With funding from the NIH, Keller showed that otherwise-healthy African-American men had a blunted ability to reflexively adjust their heart rates in response to short-term hypertension. He wants to know if those “moment-to-moment differences” influence a path to disease and what role those differences play after disease develops.

Keller and Fadel recently received approval on a further NIH grant to explore whether neural control of the heart or of the vasculature system is to blame for the differences.

“All racial groups, certainly in this country, demonstrate a degree of prevalence of hypertension to some extent. Understanding why one population is at such a higher risk for it can be good for everybody in terms of the understanding,” says Keller.

Brothers is also trying to learn more about why some groups may be more prone to cardiovascular disease. He is funded by the NIH, and his research primarily focuses on the microvasculature, or small blood vessels in both the brain and peripheral circulations, and its ability to respond to various disturbances. Better responsiveness is associated with better cardiovascular health and less risk for future disease.

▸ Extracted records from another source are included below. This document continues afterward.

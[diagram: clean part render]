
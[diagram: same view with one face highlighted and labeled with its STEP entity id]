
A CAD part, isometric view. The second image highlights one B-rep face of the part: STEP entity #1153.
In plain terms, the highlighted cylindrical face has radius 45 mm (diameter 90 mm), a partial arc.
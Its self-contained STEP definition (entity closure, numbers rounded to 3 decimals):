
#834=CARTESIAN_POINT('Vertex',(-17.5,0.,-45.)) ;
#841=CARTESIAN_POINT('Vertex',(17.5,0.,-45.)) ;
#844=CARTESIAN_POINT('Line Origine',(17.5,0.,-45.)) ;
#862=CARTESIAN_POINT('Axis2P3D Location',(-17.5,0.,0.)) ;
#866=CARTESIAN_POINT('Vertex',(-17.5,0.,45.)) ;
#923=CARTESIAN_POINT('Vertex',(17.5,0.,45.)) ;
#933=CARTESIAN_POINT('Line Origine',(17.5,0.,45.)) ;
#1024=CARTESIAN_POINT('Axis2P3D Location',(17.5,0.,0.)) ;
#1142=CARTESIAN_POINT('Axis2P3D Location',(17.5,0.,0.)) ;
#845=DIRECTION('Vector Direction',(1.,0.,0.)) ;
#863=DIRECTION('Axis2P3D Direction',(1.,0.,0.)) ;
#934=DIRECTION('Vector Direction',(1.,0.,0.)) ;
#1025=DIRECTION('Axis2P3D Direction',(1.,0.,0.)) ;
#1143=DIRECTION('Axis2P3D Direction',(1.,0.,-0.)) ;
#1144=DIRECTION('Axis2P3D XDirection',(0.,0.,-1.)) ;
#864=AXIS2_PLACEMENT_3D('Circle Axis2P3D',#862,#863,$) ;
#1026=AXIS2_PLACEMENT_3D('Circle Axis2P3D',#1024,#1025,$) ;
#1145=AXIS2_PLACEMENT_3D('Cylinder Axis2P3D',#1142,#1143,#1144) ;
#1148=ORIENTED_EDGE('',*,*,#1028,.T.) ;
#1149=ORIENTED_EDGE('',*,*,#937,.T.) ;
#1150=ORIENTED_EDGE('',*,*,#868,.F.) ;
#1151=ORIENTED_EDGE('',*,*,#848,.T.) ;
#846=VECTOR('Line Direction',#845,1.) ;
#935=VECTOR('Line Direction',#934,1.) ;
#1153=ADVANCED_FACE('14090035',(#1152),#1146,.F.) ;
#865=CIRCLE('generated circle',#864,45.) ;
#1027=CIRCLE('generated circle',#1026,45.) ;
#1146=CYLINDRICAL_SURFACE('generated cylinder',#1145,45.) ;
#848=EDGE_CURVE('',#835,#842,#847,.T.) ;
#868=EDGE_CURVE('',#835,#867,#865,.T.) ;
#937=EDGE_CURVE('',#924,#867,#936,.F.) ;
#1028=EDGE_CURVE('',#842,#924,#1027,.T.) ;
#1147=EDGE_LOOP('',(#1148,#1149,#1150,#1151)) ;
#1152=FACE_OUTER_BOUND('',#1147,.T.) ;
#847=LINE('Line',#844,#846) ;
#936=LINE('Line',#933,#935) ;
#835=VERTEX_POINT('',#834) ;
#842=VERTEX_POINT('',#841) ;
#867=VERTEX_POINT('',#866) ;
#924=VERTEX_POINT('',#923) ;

In a study published by the journal Experimental Physiology in 2015, Brothers found that young, healthy African-Americans had impairments in cerebral vascular responses. However, he found those could be improved by giving participants a dose of flavanols, a chemical compound that acts as an antioxidant and is found in various foods—including unprocessed dark chocolate and green tea—on the day of testing. A follow-up study found similar improvements for obese adults, another population with elevated risk for cardiovascular and metabolic disease.

“The unfortunate reality is you’re probably never going to find the one single sole answer that cures heart disease. It’s way more complicated than that,” Brothers says. “The goal is to try to chip away at it. If you can identify interventions, whether they’re lifestyle interventions like exercise or dietary or so on, that can, if not prevent, then at least delay the onset of these diseases. It’s definitely beneficial.”